30-year Swaps: Look’s Like We’ve Got a Bad Transmittor

The 30-year swap spread fell as low as 0.5bps today, closed at 3bps. 3bps! Three. One less than the number of legs on a AT-AT. Equal to the number of good Star Wars movies. If you don’t believe me that municipal spreads are stupid, at least believe me that a 3bps spread on 30-year swaps is stupid.

To translate… swap spreads is the yield differential between Treasury bonds and the fixed leg of a fixed-floating interest rate swap. Remember that any interest rate swap has to have a bank or other financial institution standing in the middle. With the world scared out of their minds over counter-party risk, how is this spread at all-time tights!?! By comparison, 2-year swaps have a spread of 104bps, and traded as high as 165bps earlier this month.

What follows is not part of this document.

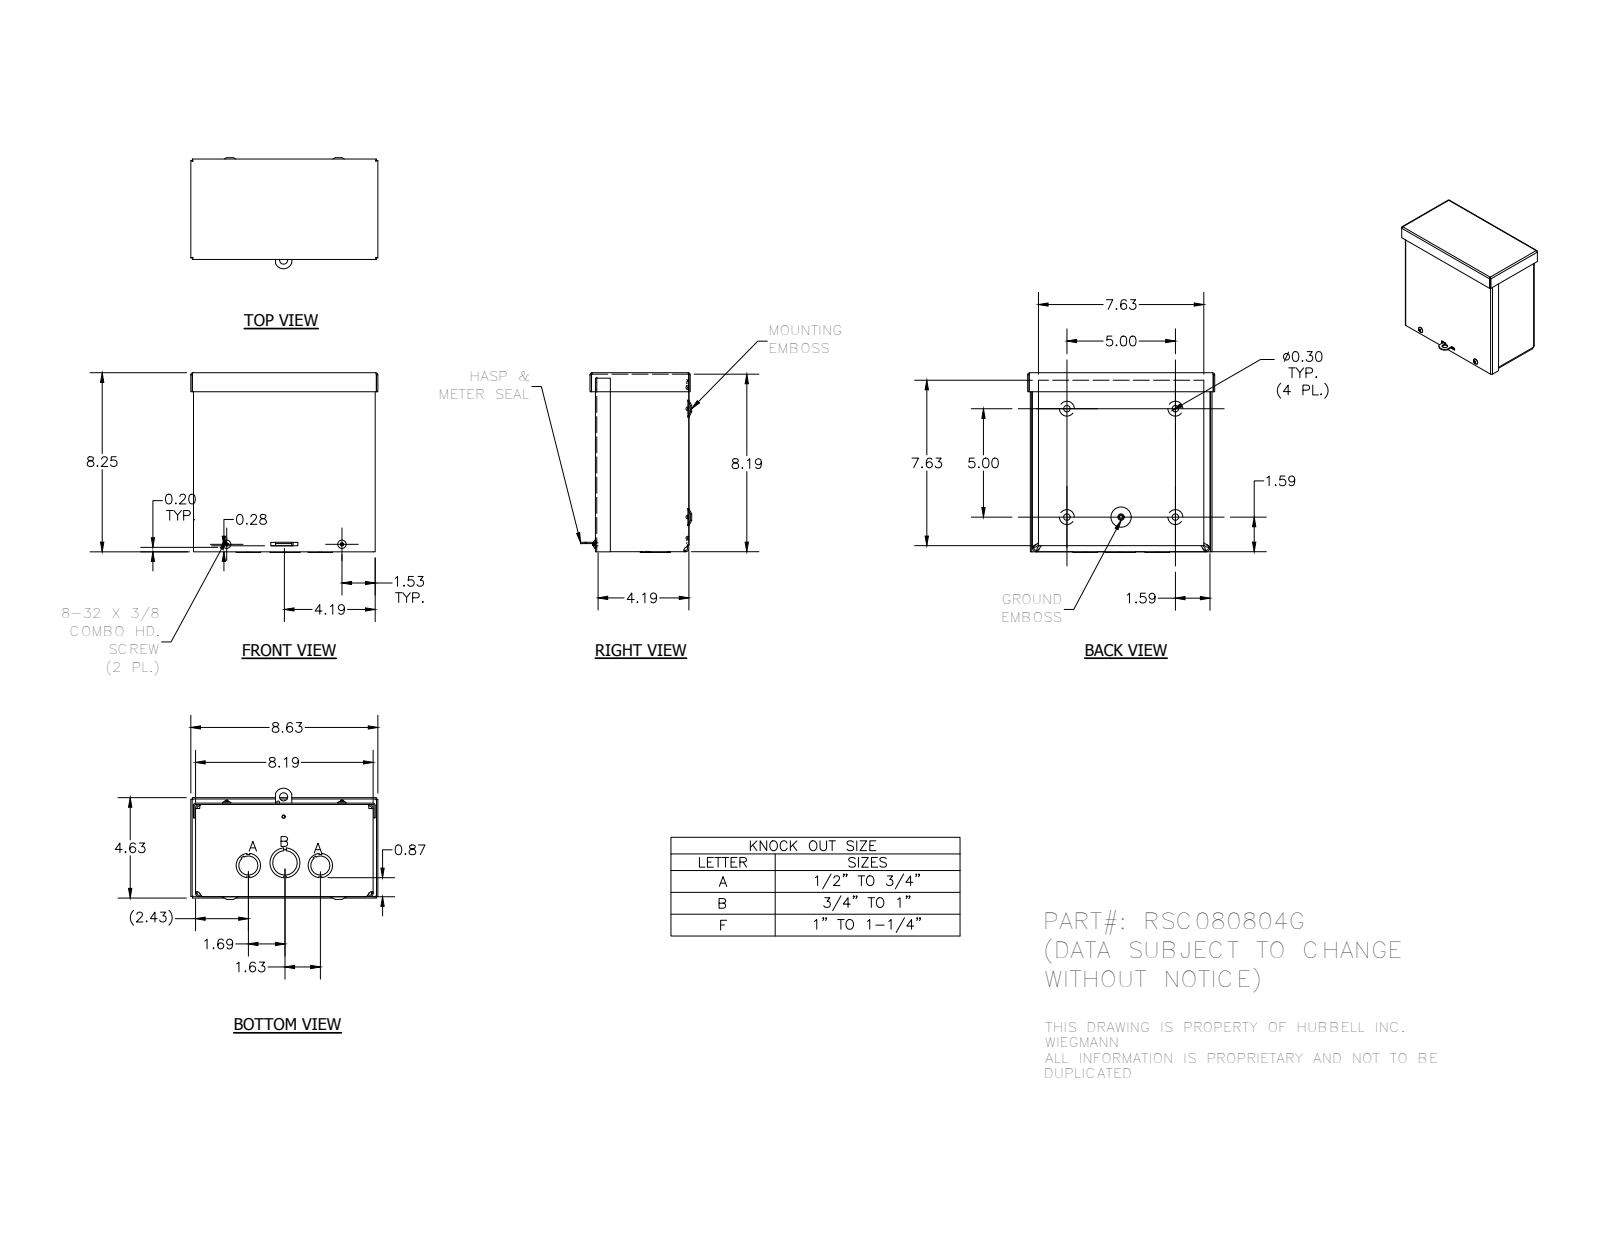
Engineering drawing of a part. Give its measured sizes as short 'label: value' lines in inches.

This strange anomaly is just another example of what happens when leveraged investors are desperate to unload bad trades into a highly illiquid market. Over the last 2 years, there were many “range notes” sold that referenced the slope of 10-year and 30-year swaps. Now that trade isn’t looking so hot and people want to hedge.

Lots of people rushing to leave the building, but a small door of liquidity, and a spread of three is the result.

This just reiterates what I said the other day about leverage. The market can’t act “normal” when fresh capital is hard to come by. You should still buy bonds based on fundamentals, but bear in mind that it may take a while for fundamental analysis to pay off.